Because all of us believe that our democratic form of government can
cope adequately with modern problems as they arise, it is patriotic
as well as logical for us to prove that we can meet new national
needs with new laws consistent with a historic constitutional
framework clearly intended to receive liberal and not narrow
interpretation.

The United States of America, within itself, must continue the task
of making democracy succeed.

In that task the legislative branch of our Government will, I am
confident, continue to meet the demands of democracy whether they
relate to the curbing of abuses, the extension of help to those who
need help, or the better balancing of our interdependent economies.

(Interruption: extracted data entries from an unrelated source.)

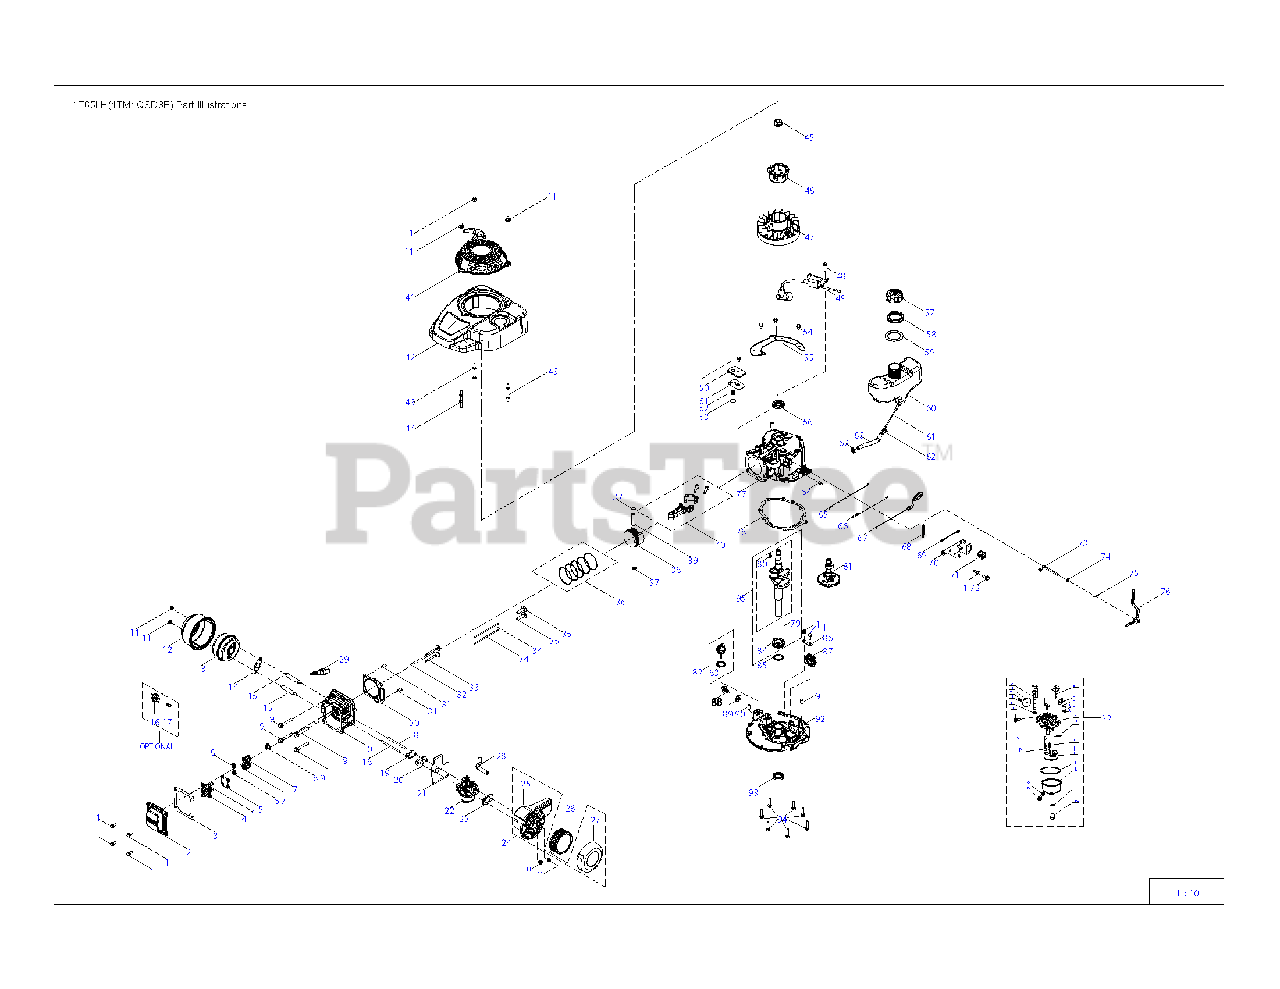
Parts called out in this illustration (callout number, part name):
1	BOLT M6-1 x 14 GR8.8
2	VALVE COVER
3	VALVE COVER GASKET
4	ROCKER ARM ASSEMBLY
5	PUSH ROD GUIDE
6	VALVE SPRING RETAINER
7	VALVE SPRING
8	INTAKE VALVE SEAL
9	SCREW M8 x 54 GR10
10	CYLINDER HEAD
11	HEX NUT
12	MUFFLER SHIELD
13	MUFFLER ASSEMBLY
14	MUFFLER GASKET
15	STUD M6-1 x 76
16	SPARK ARRESTOR
17	SCREW M3.5 x 9.5
18	CARBURETOR STUD-M6 x 87
19	CARBURETOR INSULATOR GASKET
20	CARBURETOR INSULATOR
21	CARBURETOR GASKET
22	CARBURETOR ASSEMBLY
23	AIR FILTER BASE GASKET
24	AIR FILTER ASSEMBLY
25	AIR FILTER BASE
26	PAPER AIR FILTER
27	AIR FILTER COVER
28	BREATHER HOSE
29	SPARK PLUG
30	CYLINDER HEAD GASKET
31	DOWEL PIN
32	INTAKE VALVE
33	EXHAUST VALVE
34	PUSH ROD
35	TAPPET (LIFTER)
36	PISTON RING SET
37	SNAP RING-PISTON PIN
38	PISTON
39	PISTON PIN
40	CONNECTING ROD ASSEMBLY
41	STARTER RECOIL ASSEMBLY
42	ENGINE SHROUD ASSEMBLY
43	STUD M6 x 75
44	STUD M6 x 73
45	FLYWHEEL NUT
46	START CUP
47	FLYWHEEL
48	BOLT M6-1 x 25 GR8.8
49	IGNITION COIL
50	BREATHER COVER PLATE
51	BREATHER COVER GASKET
52	BREATHER VALVE SPRING
53	BREATHER VALVE
54	BOLT M6-1 x 10 GR8.8
55	COVER SHIELD PLATE
56	UPPER CRANKSHAFT SEAL
57	FUEL CAP ASSEMBLY
58	FUEL TANK NUT
59	FUEL TANK UPPER GROMMET
60	FUEL TANK
61	FUEL FILTER
62	HOSE CLAMP
63	FUEL HOSE
64	Control Bracket Spacer
65	THROTTLE LINKAGE
66	THROTTLE LINKAGE SPRING
67	CHOKE CONTROL
68	GOVERNOR SPRING
69	IGNITION SWITCH
70	COMPONENT BRACKET
71	IGNITION SWITCH
72	BOLT M6-1 x 35 GR8.8
73	GOVERNOR ARM SHAFT
74	GOVERNOR SEAL
75	COTTER PIN
76	GOVERNOR ARM ASSEMBLY
77	CRANKCASE
78	CRANKCASE COVER GASKET
79	CRANKSHAFT ASSEMBLY
80	FLYWHEEL KEY
81	CAMSHAFT ASSEMBLY
82	DIPSTICK ASSEMBLY
83	DIPSTICK O-RING
84	CRANKSHAFT TIMING GEAR
85	THRUST WASHER
86	GOVERNOR GEAR MOUNTING PLATE
87	GOVERNOR GEAR/SHAFT ASSEMBLY
88	OIL DRAIN PLUG
89	WASHER
90	DOWEL PIN
91	DOWEL PIN
92	CRANKCASE COVER
93	LOWER CRANKSHAFT SEAL
94	BOLT-M6-1 x 28 GR8.8
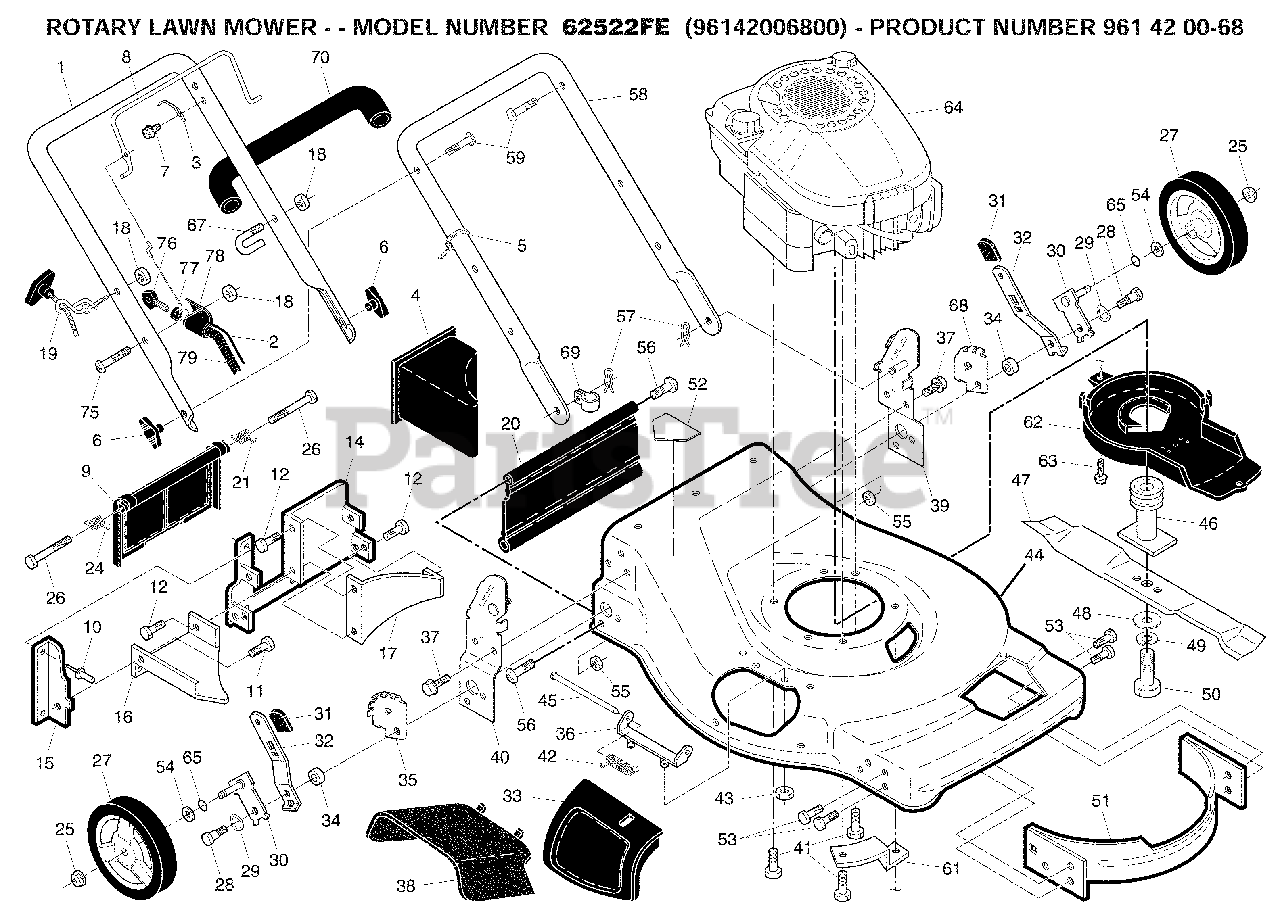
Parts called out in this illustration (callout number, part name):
1	Upper Handle
2	Cable, Operator Presence
3	Bracket, Upstop
4	Mulcher Plug
5	Wire Tie
6	Handle Knob
8	Control Bar
9	Rear Door Assembly
11	Screw, Self-Tapping #10-24 x 5/8
12	Screw, Hex Hex Head, Sems 1/4-20 x 1/2
14	Back Plate
15	Side Baffle
16	Discharge Baffle
17	Rear Baffle
18	Keps Locknut 1/4-20
19	Rope Guide
20	Rear Skirt
21	Spring, Rear Door, LH
24	Spring, Rear Door, RH
25	Nut, Hex, Flanged
26	Bolt, Rear Door
27	Wheel & Tire Assembly, Rear
28	Bolt, Shoulder 3/8-16 x 1
29	Washer, Belleville
30	Axle Arm Assembly
31	Selector Knob
32	Selector Spring
33	Mulcher Door
35	Wheel Adjusting Bracket, RH
36	Hinge Bracket Assembly
37	Screw, Sems, Thread Cutting 5/16-18 x 3/4
38	Discharge Deflector
39	Handle Bracket Assembly, LH
40	Handle Bracket Assembly, RH
41	Screw, Hex Head, Threaded, Rolled 3/8-16 x 1-1/8
42	Spring, Torsion
43	Nut, Hex, Nylock
44	Kit, Lawn Mower Housing
45	Rod, Hinge
46	Blade Adapter / Pulley
47	Blade, 22"
48	Washer, Hardened
49	Washer, Helical
50	Screw, Machine, Hex Head 3/8-24 x 1-3/8 Grade 8
51	Front Baffle
52	Danger Decal
54	Washer, Flat
55	Nut, Hex
56	Screw, Hinge 1/4-20 x 1-1/4
57	Hairpin Cotter
58	Lower Handle
59	Handle Bolt
61	Bracket Debris Shield
62	Debris Shield
63	Screw, Debris Shield
64	Engine, Briggs & Stratton, Model Number 122L05-1263-F1
67	Clip, Packaging
68	Wheel Adjusting Bracket, LH
69	Clip, Cable
78	Key Start Switch
79	Wiring Harness
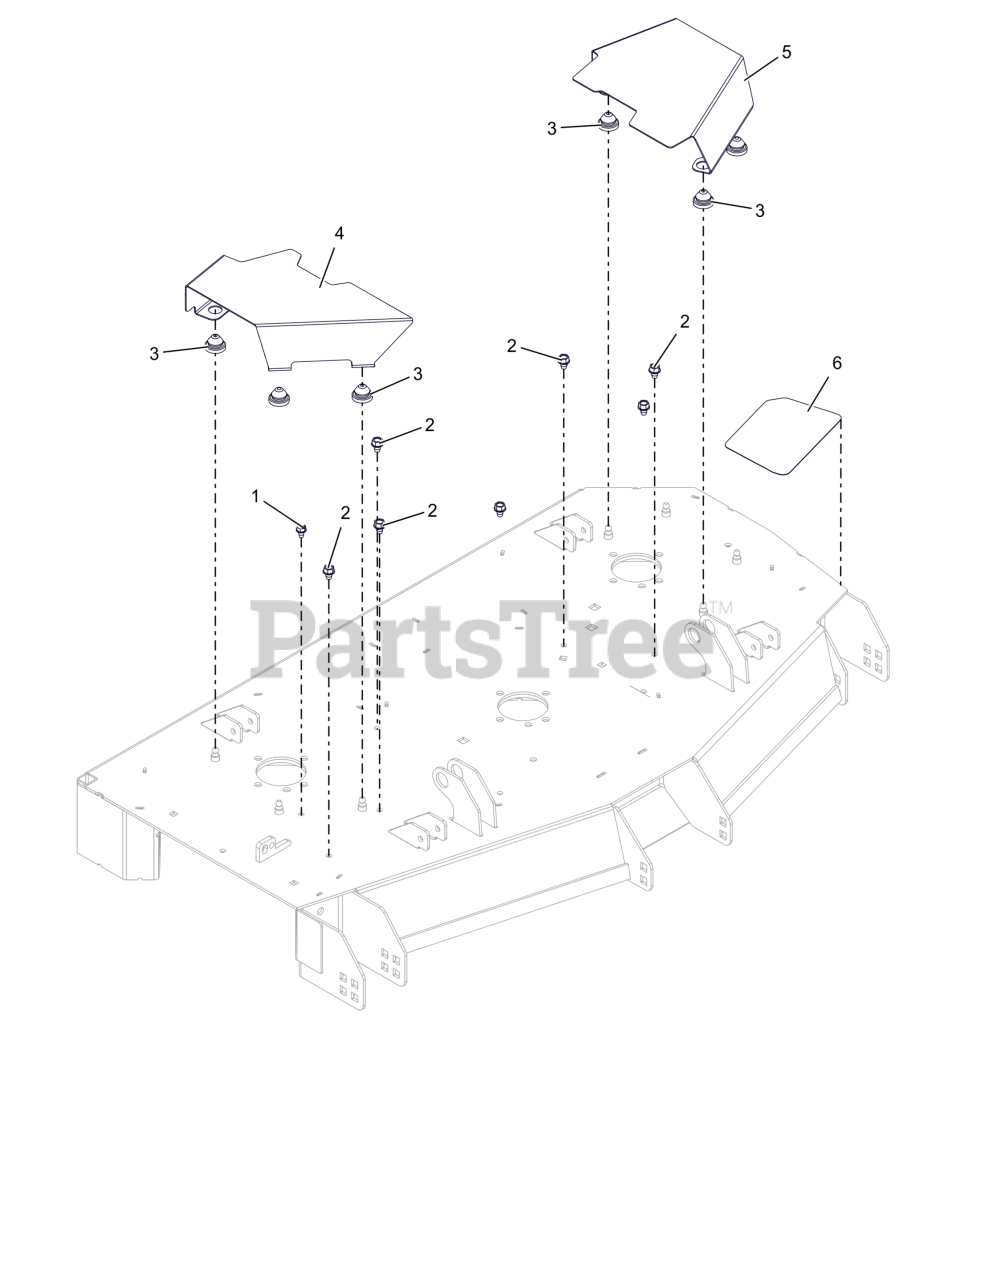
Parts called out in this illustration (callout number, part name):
1	SCR,TAP .312-18X.50 HWH TR ZCC
2	SCR,TAP .375-16X.50 HWH TR ZCC
3	COUPLING, RUBBER PUSH-IN
4	COVER- BELT 48" RIGHT
5	COVER- BELT 48" LEFT
6	GRIP, STEP ANTI SKID HD XF3
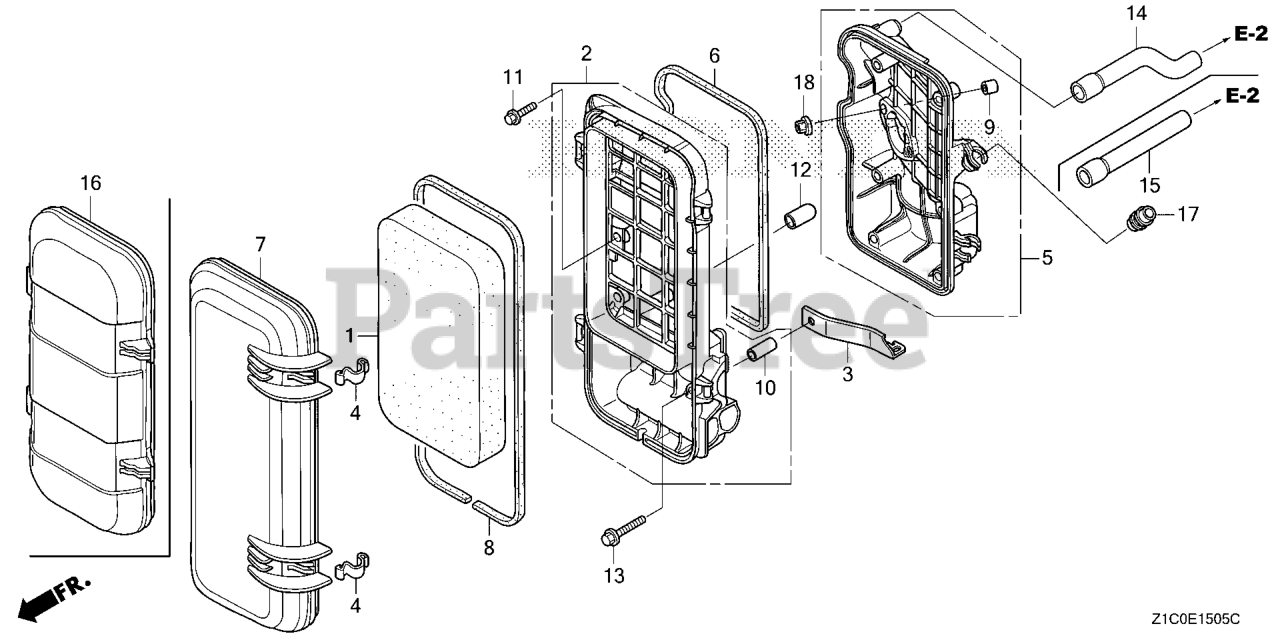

So, too, the executive branch of the Government must move forward in
this task, and, at the same time, provide better management for
administrative action of all kinds.

The judicial branch also is asked by the people to do its part in
making democracy successful. We do not ask the courts to call
nonexistent powers into being, but we have a right to expect that
conceded powers or those legitimately implied shall be made effective
instruments for the common good.

The process of our democracy must not be imperiled by the denial of
essential powers of free government.

You task and mine is not ending with the end of the depression. The
people of the United States have made it clear that they expect us to
continue our active efforts in behalf of their peaceful advancement.

In that spirit of endeavor and service I greet the Seventy-Fifth
Congress at the beginning of this auspicious new year.